* Directions for this task *
Print, exactly as they appear in the listing below, the lines from the line with "#16154 = EDGE_CURVE" to the line with "#20537 = DIRECTION", with both end lines kept.
Content starts
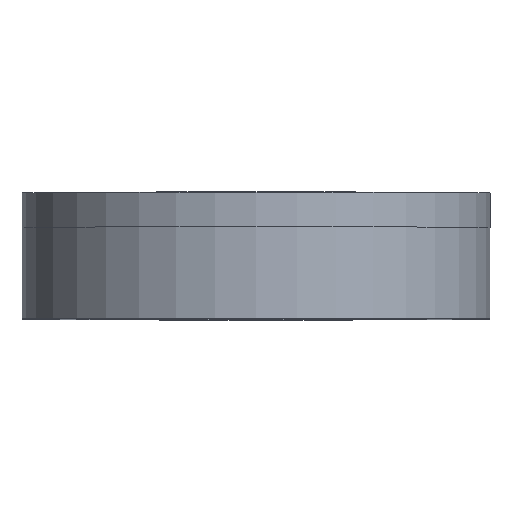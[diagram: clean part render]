
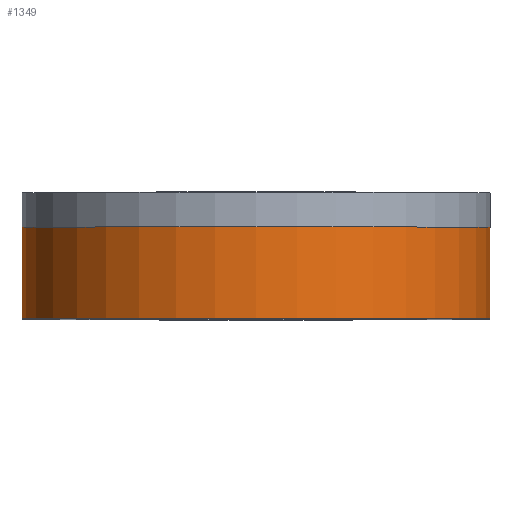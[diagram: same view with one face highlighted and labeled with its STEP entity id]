
A CAD part, top view. The second image highlights one B-rep face of the part: STEP entity #1349.
In plain terms, the highlighted cylindrical face has radius 24.13 mm (diameter 48.26 mm), a partial arc.
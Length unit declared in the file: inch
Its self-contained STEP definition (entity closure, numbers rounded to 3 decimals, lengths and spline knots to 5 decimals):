
#35 = VERTEX_POINT ( 'NONE', #3025 ) ;
#89 = VERTEX_POINT ( 'NONE', #2600 ) ;
#1349 = ADVANCED_FACE ( 'NONE', ( #14029 ), #14038, .T. ) ;
#2600 = CARTESIAN_POINT ( 'NONE',  ( -1.9, -0.01955, 1.5625 ) ) ;
#3025 = CARTESIAN_POINT ( 'NONE',  ( 0., -0.01955, 1.5625 ) ) ;
#7555 = CARTESIAN_POINT ( 'NONE',  ( 0., -0.38955, 1.5625 ) ) ;
#7556 = DIRECTION ( 'NONE',  ( 0., 1., 0. ) ) ;
#8167 = CARTESIAN_POINT ( 'NONE',  ( -0.95, -0.38955, 1.5625 ) ) ;
#8168 = DIRECTION ( 'NONE',  ( 0., -1., 0. ) ) ;
#8169 = DIRECTION ( 'NONE',  ( 1., 0., 0. ) ) ;
#8332 = CARTESIAN_POINT ( 'NONE',  ( -1.9, -0.38955, 1.5625 ) ) ;
#8333 = DIRECTION ( 'NONE',  ( 0., 1., 0. ) ) ;
#8348 = CARTESIAN_POINT ( 'NONE',  ( -0.95, -0.01955, 1.5625 ) ) ;
#8349 = DIRECTION ( 'NONE',  ( 0., -1., 0. ) ) ;
#8350 = DIRECTION ( 'NONE',  ( 1., 0., 0. ) ) ;
#8636 = ORIENTED_EDGE ( 'NONE', *, *, #16181, .F. ) ;
#8655 = ORIENTED_EDGE ( 'NONE', *, *, #16194, .T. ) ;
#8674 = ORIENTED_EDGE ( 'NONE', *, *, #16154, .F. ) ;
#12558 = AXIS2_PLACEMENT_3D ( 'NONE', #8167, #8168, #8169 ) ;
#12573 = AXIS2_PLACEMENT_3D ( 'NONE', #8348, #8349, #8350 ) ;
#12786 = VERTEX_POINT ( 'NONE', #16638 ) ;
#13474 = VERTEX_POINT ( 'NONE', #16654 ) ;
#13726 = EDGE_LOOP ( 'NONE', ( #8655, #8636, #8674, #16555 ) ) ;
#14029 = FACE_OUTER_BOUND ( 'NONE', #13726, .T. ) ;
#14038 = CYLINDRICAL_SURFACE ( 'NONE', #17626, 0.95 ) ;
#16057 = EDGE_CURVE ( 'NONE', #12786, #35, #22211, .T. ) ;
#16154 = EDGE_CURVE ( 'NONE', #12786, #13474, #22323, .T. ) ;
#16181 = EDGE_CURVE ( 'NONE', #13474, #89, #22355, .T. ) ;
#16194 = EDGE_CURVE ( 'NONE', #35, #89, #22354, .T. ) ;
#16555 = ORIENTED_EDGE ( 'NONE', *, *, #16057, .T. ) ;
#16638 = CARTESIAN_POINT ( 'NONE',  ( 0., -0.38955, 1.5625 ) ) ;
#16654 = CARTESIAN_POINT ( 'NONE',  ( -1.9, -0.38955, 1.5625 ) ) ;
#17626 = AXIS2_PLACEMENT_3D ( 'NONE', #20826, #20537, #21135 ) ;
#20537 = DIRECTION ( 'NONE',  ( 0., 1., 0. ) ) ;
#20826 = CARTESIAN_POINT ( 'NONE',  ( -0.95, -0.38955, 1.5625 ) ) ;
#21135 = DIRECTION ( 'NONE',  ( -1., 0., 0. ) ) ;
#22211 = LINE ( 'NONE', #7555, #22217 ) ;
#22217 = VECTOR ( 'NONE', #7556, 39.37008 ) ;
#22323 = CIRCLE ( 'NONE', #12558, 0.95 ) ;
#22354 = CIRCLE ( 'NONE', #12573, 0.95 ) ;
#22355 = LINE ( 'NONE', #8332, #22356 ) ;
#22356 = VECTOR ( 'NONE', #8333, 39.37008 ) ;
Content ends
* Task output *
#16154 = EDGE_CURVE ( 'NONE', #12786, #13474, #22323, .T. ) ;
#16181 = EDGE_CURVE ( 'NONE', #13474, #89, #22355, .T. ) ;
#16194 = EDGE_CURVE ( 'NONE', #35, #89, #22354, .T. ) ;
#16555 = ORIENTED_EDGE ( 'NONE', *, *, #16057, .T. ) ;
#16638 = CARTESIAN_POINT ( 'NONE',  ( 0., -0.38955, 1.5625 ) ) ;
#16654 = CARTESIAN_POINT ( 'NONE',  ( -1.9, -0.38955, 1.5625 ) ) ;
#17626 = AXIS2_PLACEMENT_3D ( 'NONE', #20826, #20537, #21135 ) ;
#20537 = DIRECTION ( 'NONE',  ( 0., 1., 0. ) ) ;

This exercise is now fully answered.